▸ **TASK GOAL**
Everything from the line with "Manufacturer's drawing of" to the end of the entries should be copied exactly, and nothing else.

▸ **PROVIDED DATA**
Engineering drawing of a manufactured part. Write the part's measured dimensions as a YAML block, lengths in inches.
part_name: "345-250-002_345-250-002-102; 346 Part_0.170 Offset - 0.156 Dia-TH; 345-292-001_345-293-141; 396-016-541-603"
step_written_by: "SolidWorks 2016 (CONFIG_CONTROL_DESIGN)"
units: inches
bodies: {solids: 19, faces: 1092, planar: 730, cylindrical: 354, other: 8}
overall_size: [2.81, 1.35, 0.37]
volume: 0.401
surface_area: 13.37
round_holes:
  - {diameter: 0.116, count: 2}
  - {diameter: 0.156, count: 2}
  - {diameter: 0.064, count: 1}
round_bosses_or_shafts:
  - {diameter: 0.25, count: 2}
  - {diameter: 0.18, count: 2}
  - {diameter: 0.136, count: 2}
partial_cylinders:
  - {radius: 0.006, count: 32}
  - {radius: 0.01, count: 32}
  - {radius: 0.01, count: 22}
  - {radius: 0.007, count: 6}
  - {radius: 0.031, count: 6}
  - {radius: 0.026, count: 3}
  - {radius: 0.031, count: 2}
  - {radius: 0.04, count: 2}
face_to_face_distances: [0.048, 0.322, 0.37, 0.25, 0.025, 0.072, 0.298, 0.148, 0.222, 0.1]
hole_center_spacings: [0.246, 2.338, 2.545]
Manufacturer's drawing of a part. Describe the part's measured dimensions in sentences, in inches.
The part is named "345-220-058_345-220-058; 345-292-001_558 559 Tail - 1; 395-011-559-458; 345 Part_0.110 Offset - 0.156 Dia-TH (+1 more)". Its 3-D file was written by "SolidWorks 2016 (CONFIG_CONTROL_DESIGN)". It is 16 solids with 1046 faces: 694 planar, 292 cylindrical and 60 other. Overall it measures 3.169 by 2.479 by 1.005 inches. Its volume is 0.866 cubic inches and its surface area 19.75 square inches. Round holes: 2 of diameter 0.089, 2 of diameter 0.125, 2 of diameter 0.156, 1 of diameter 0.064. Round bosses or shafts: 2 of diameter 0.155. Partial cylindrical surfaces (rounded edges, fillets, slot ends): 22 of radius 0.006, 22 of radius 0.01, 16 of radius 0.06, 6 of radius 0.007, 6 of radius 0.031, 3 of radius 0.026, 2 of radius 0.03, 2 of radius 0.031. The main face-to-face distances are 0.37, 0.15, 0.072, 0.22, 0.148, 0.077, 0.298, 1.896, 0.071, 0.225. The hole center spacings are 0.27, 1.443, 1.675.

▸ **WRITTEN SOLUTION**
Manufacturer's drawing of a part. Describe the part's measured dimensions in sentences, in inches.
The part is named "345-220-058_345-220-058; 345-292-001_558 559 Tail - 1; 395-011-559-458; 345 Part_0.110 Offset - 0.156 Dia-TH (+1 more)". Its 3-D file was written by "SolidWorks 2016 (CONFIG_CONTROL_DESIGN)". It is 16 solids with 1046 faces: 694 planar, 292 cylindrical and 60 other. Overall it measures 3.169 by 2.479 by 1.005 inches. Its volume is 0.866 cubic inches and its surface area 19.75 square inches. Round holes: 2 of diameter 0.089, 2 of diameter 0.125, 2 of diameter 0.156, 1 of diameter 0.064. Round bosses or shafts: 2 of diameter 0.155. Partial cylindrical surfaces (rounded edges, fillets, slot ends): 22 of radius 0.006, 22 of radius 0.01, 16 of radius 0.06, 6 of radius 0.007, 6 of radius 0.031, 3 of radius 0.026, 2 of radius 0.03, 2 of radius 0.031. The main face-to-face distances are 0.37, 0.15, 0.072, 0.22, 0.148, 0.077, 0.298, 1.896, 0.071, 0.225. The hole center spacings are 0.27, 1.443, 1.675.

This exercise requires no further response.